More than just politics and rhetoric, industry leaders are looking at the bigger picture and seeing how working together could yield greater success than going it alone.
The idea was furthered at a conference organized by the Confederation of Indian Industries last week and later reiterated to Sourcing Journal by analysts and industry leaders. The long-held sense of competition is giving way to more collective thinking, according to experts.
“The dynamic of global sourcing has been changing,” said Faruque Hassan, president Bangladesh Garment Manufacturers and Exporters Association (BGMEA). “We believe Asia will lead for next few decades. The possibility of a regional value chain with raw materials and marketing can make a global brand.”
“India has a unique capacity in the vertical supply chain starting from cotton to finished apparel and fashion design; Bangladesh does not grow cotton, nor petrochemical fiber, yet we have become the second-largest apparel exporter,” Hassan said, while adding that Bangladesh is the second-largest cotton importer in the world.
The urgency to rethink the situation has been felt across all three countries as the pandemic roiled supply chains, with lockdowns, order cancellations, and the two biggest importers from the region, the U.S and European Union, beginning to take nearshoring more seriously.
While Bangladesh has somewhat recovered—exports are up 12.6 percent in 2021 at $31.45 billion, from $27.94 billion in financial year 2020 (ending June 30)—this is still below the $34.13 billion registered in financial year 2019.
The feeling seems to be similar in Sri Lanka, which saw apparel exports in 2020 drop to $4.2 billion from $5.3 billion in 2019. Although this year has seen 12 percent growth, and the country expects to reach $5.1 billion by year-end, this figure is lower than the 2019 level, and that has the industry concerned.
“We don’t have to do it alone,” said Suchira Surendranath, director strategy and investment for Brandix Lanka Ltd Group, Sri Lanka. “It’s a unique, once-in-a-lifetime opportunity for Asia as a whole, and especially for India to capture a share of the global market without the need to compete only on price. The possibilities for tangible value with a compelling story line are endless if we build a closer collaboration. We can build a regional apparel and textile hub that becomes a preferred sourcing destination.”

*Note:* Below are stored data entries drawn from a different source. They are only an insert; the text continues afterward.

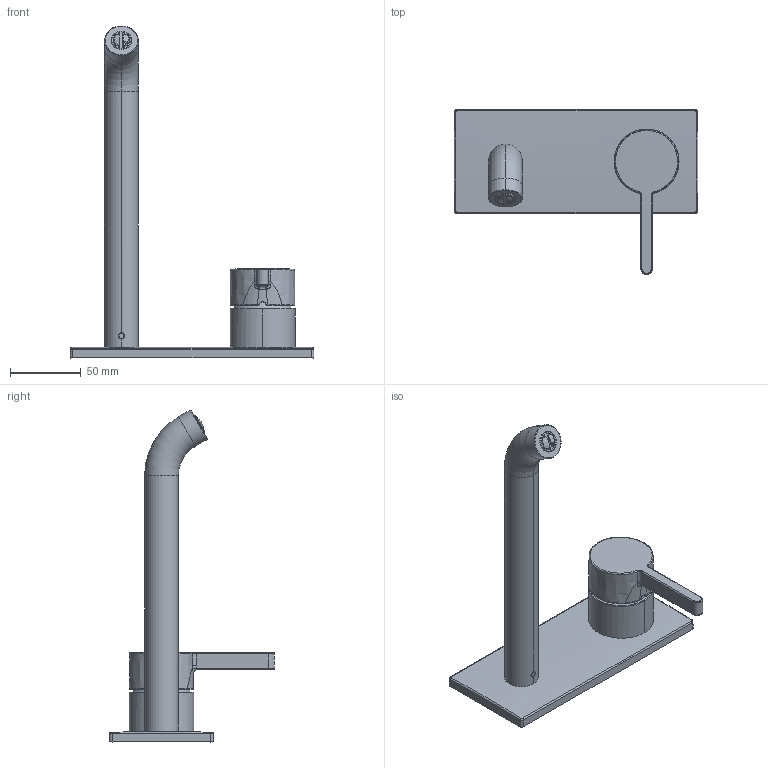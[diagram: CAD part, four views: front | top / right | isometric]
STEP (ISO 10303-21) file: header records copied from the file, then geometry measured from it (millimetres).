
FILE_DESCRIPTION((''),'2;1');
FILE_NAME('11422034','2018-10-02T',('DB991'),(''),'CREO PARAMETRIC BY PTC INC, 2016260','CREO PARAMETRIC BY PTC INC, 2016260','');
FILE_SCHEMA(('CONFIG_CONTROL_DESIGN'));
Length unit declared in the file: millimetre
Products named in the file (1): 11422034
Bounding box: 172.84 x 117.02 x 235.22 mm (x, y, z)
Volume: 291637.4 mm3; surface area: 58069.8 mm2
Topology: 1 solids, 4 shells, 242 faces, 628 edges, 405 vertices
Faces by surface type: plane 87, torus 84, cylinder 32, bspline 18, sphere 15, cone 6
Entity records: 9310 total; most frequent: CARTESIAN_POINT 3635, ORIENTED_EDGE 1254, DIRECTION 1104, EDGE_CURVE 627, AXIS2_PLACEMENT_3D 472, VERTEX_POINT 405, EDGE_LOOP 254, CIRCLE 248
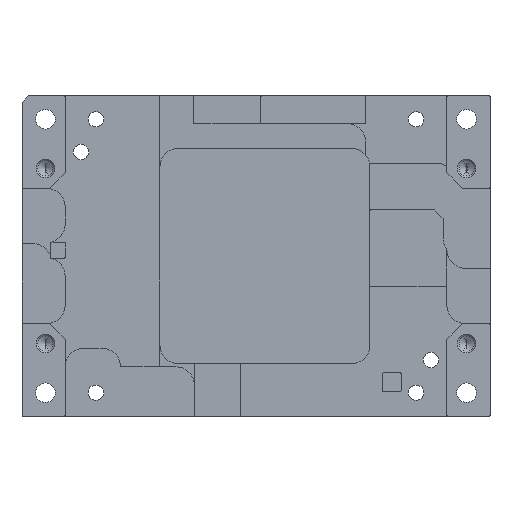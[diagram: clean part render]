
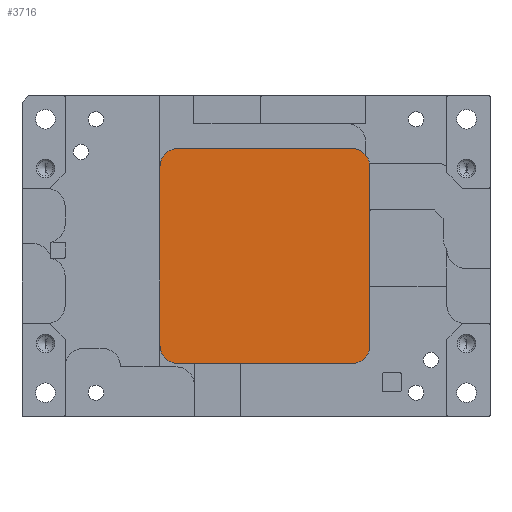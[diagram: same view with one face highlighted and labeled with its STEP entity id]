
A CAD part, left-side view. The second image highlights one B-rep face of the part: STEP entity #3716.
In plain terms, the highlighted planar face has unit normal (-1, 0, 0).
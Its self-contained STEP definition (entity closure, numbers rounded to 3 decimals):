
#127 = LINE ( 'NONE', #4810, #4477 ) ;
#161 = CARTESIAN_POINT ( 'NONE',  ( 3.72, 15.6, 14.5 ) ) ;
#373 = CIRCLE ( 'NONE', #1698, 3. ) ;
#415 = VERTEX_POINT ( 'NONE', #2772 ) ;
#418 = AXIS2_PLACEMENT_3D ( 'NONE', #4290, #5212, #1637 ) ;
#454 = DIRECTION ( 'NONE',  ( 0., 0., -1. ) ) ;
#566 = ORIENTED_EDGE ( 'NONE', *, *, #802, .T. ) ;
#580 = DIRECTION ( 'NONE',  ( 0., 0., 1. ) ) ;
#613 = DIRECTION ( 'NONE',  ( 0., -1., 0. ) ) ;
#698 = ORIENTED_EDGE ( 'NONE', *, *, #1331, .T. ) ;
#802 = EDGE_CURVE ( 'NONE', #2418, #2190, #1456, .T. ) ;
#1032 = CARTESIAN_POINT ( 'NONE',  ( 3.72, 15.6, -17.5 ) ) ;
#1331 = EDGE_CURVE ( 'NONE', #415, #4228, #1908, .T. ) ;
#1422 = DIRECTION ( 'NONE',  ( -1., 0., 0. ) ) ;
#1456 = CIRCLE ( 'NONE', #418, 3. ) ;
#1499 = EDGE_CURVE ( 'NONE', #2439, #3314, #1759, .T. ) ;
#1522 = LINE ( 'NONE', #1032, #3610 ) ;
#1542 = AXIS2_PLACEMENT_3D ( 'NONE', #2386, #2812, #580 ) ;
#1637 = DIRECTION ( 'NONE',  ( 0., 0., 1. ) ) ;
#1698 = AXIS2_PLACEMENT_3D ( 'NONE', #3229, #3214, #3681 ) ;
#1759 = LINE ( 'NONE', #4246, #4660 ) ;
#1851 = CARTESIAN_POINT ( 'NONE',  ( 3.72, 12.6, -17.5 ) ) ;
#1908 = CIRCLE ( 'NONE', #1542, 3. ) ;
#1913 = DIRECTION ( 'NONE',  ( 0., 0., 1. ) ) ;
#1964 = VECTOR ( 'NONE', #4847, 1000. ) ;
#2190 = VERTEX_POINT ( 'NONE', #1851 ) ;
#2252 = EDGE_CURVE ( 'NONE', #5008, #2439, #4717, .T. ) ;
#2386 = CARTESIAN_POINT ( 'NONE',  ( 3.72, -15.5, -14.5 ) ) ;
#2418 = VERTEX_POINT ( 'NONE', #5321 ) ;
#2439 = VERTEX_POINT ( 'NONE', #5440 ) ;
#2460 = CARTESIAN_POINT ( 'NONE',  ( 3.72, 0., 0. ) ) ;
#2501 = DIRECTION ( 'NONE',  ( 0., 0., 1. ) ) ;
#2758 = CARTESIAN_POINT ( 'NONE',  ( 3.72, -15.5, 14.5 ) ) ;
#2772 = CARTESIAN_POINT ( 'NONE',  ( 3.72, -15.5, -17.5 ) ) ;
#2812 = DIRECTION ( 'NONE',  ( -1., 0., 0. ) ) ;
#2822 = EDGE_CURVE ( 'NONE', #3579, #2418, #127, .T. ) ;
#2845 = ORIENTED_EDGE ( 'NONE', *, *, #1499, .T. ) ;
#2918 = FACE_OUTER_BOUND ( 'NONE', #3186, .T. ) ;
#2937 = EDGE_CURVE ( 'NONE', #3314, #3579, #373, .T. ) ;
#2955 = DIRECTION ( 'NONE',  ( -1., 0., 0. ) ) ;
#3186 = EDGE_LOOP ( 'NONE', ( #3928, #698, #3465, #4383, #2845, #4048, #5123, #566 ) ) ;
#3214 = DIRECTION ( 'NONE',  ( -1., 0., 0. ) ) ;
#3229 = CARTESIAN_POINT ( 'NONE',  ( 3.72, 12.6, 14.5 ) ) ;
#3314 = VERTEX_POINT ( 'NONE', #5284 ) ;
#3438 = CARTESIAN_POINT ( 'NONE',  ( 3.72, -18.5, 14.5 ) ) ;
#3465 = ORIENTED_EDGE ( 'NONE', *, *, #4427, .T. ) ;
#3579 = VERTEX_POINT ( 'NONE', #161 ) ;
#3610 = VECTOR ( 'NONE', #613, 1000. ) ;
#3681 = DIRECTION ( 'NONE',  ( 0., 0., 1. ) ) ;
#3716 = ADVANCED_FACE ( 'NONE', ( #2918 ), #5640, .T. ) ;
#3928 = ORIENTED_EDGE ( 'NONE', *, *, #5251, .T. ) ;
#4048 = ORIENTED_EDGE ( 'NONE', *, *, #2937, .T. ) ;
#4228 = VERTEX_POINT ( 'NONE', #5152 ) ;
#4246 = CARTESIAN_POINT ( 'NONE',  ( 3.72, 15.6, 17.5 ) ) ;
#4290 = CARTESIAN_POINT ( 'NONE',  ( 3.72, 12.6, -14.5 ) ) ;
#4383 = ORIENTED_EDGE ( 'NONE', *, *, #2252, .T. ) ;
#4427 = EDGE_CURVE ( 'NONE', #4228, #5008, #5136, .T. ) ;
#4477 = VECTOR ( 'NONE', #454, 1000. ) ;
#4532 = AXIS2_PLACEMENT_3D ( 'NONE', #2460, #2955, #2501 ) ;
#4660 = VECTOR ( 'NONE', #5582, 1000. ) ;
#4717 = CIRCLE ( 'NONE', #5180, 3. ) ;
#4810 = CARTESIAN_POINT ( 'NONE',  ( 3.72, 15.6, -17.5 ) ) ;
#4847 = DIRECTION ( 'NONE',  ( 0., 0., 1. ) ) ;
#5008 = VERTEX_POINT ( 'NONE', #3438 ) ;
#5123 = ORIENTED_EDGE ( 'NONE', *, *, #2822, .T. ) ;
#5136 = LINE ( 'NONE', #5729, #1964 ) ;
#5152 = CARTESIAN_POINT ( 'NONE',  ( 3.72, -18.5, -14.5 ) ) ;
#5180 = AXIS2_PLACEMENT_3D ( 'NONE', #2758, #1422, #1913 ) ;
#5212 = DIRECTION ( 'NONE',  ( -1., 0., 0. ) ) ;
#5251 = EDGE_CURVE ( 'NONE', #2190, #415, #1522, .T. ) ;
#5284 = CARTESIAN_POINT ( 'NONE',  ( 3.72, 12.6, 17.5 ) ) ;
#5321 = CARTESIAN_POINT ( 'NONE',  ( 3.72, 15.6, -14.5 ) ) ;
#5440 = CARTESIAN_POINT ( 'NONE',  ( 3.72, -15.5, 17.5 ) ) ;
#5582 = DIRECTION ( 'NONE',  ( 0., 1., 0. ) ) ;
#5640 = PLANE ( 'NONE',  #4532 ) ;
#5729 = CARTESIAN_POINT ( 'NONE',  ( 3.72, -18.5, -17.5 ) ) ;

“India itself may not have access to European Union and the U.S. through preferential schemes, but Bangladesh has access to U.S. and Canada. Sri Lanka has access to Europe and India has access to the Japanese market. This contributes to the balance, as well. We already have all the factors to make this a reality, and with this collaboration we can be on a level playing field with the rest of the world,” he added.
One reason for India’s interest in the partnership could be because the nation appears to be losing ground. According to the Indian commerce ministry, textile exports plunged 9.57 percent to $31.69 billion in the financial year 2020-21, ending March 31, compared to $35.04 billion in 2019-20.
“India’s lack of resilience was further exposed during the Covid crisis, which saw overall global demand fall by 3.8 percent, with India seeing an 18.7 percent decline in 2020. However, the country’s recent performance in global trade has not been commensurate with its abilities. Exports declined by 3 percent during 2015–2019 and by 18.7 percent in 2020. And yet during the same period, other low-cost countries such as Bangladesh and Vietnam have gained share,” said global consulting firm Kearney.
Last week’s Kearney and CII report noted that the textiles industry is the backbone of India’s economy, making major contributions to both employment and exports but that India was a clear laggard from 2015-2019, with textile exports shrinking 0.8 percent in the same period.
“All categories mirrored this reduction, excluding home textiles and technical textiles. This ultimately resulted in India dropping from second to fifth among global exporters, with Vietnam (11 percent growth in the same period) and Bangladesh (10 percent growth in the same period) rising,” according to the report.
Uncovering the reasons and finding ways to address them would be instrumental in reaching the $100 billion textiles export target that India’s new minister for textiles, Piyush Goyal, set for 2026.
“There are times when an industry gets a second chance—a chance to change its growth trajectory and claim its rightful space in the world market. For India, that time is now,” said Neelesh Hundekari, a partner at Kearney. “A South Asia hub is a great idea.” Over the past few years, India stagnated while neighbors like Bangladesh and Vietnam flourished. “What are the root causes? Duty disadvantages? Where we don’t have a level playing field India does suffer,” he added.
“The post-Covid world is seeing a realignment of geopolitical relations, and Western economies are reevaluating their business partnerships and investment destinations,” Hundekari said.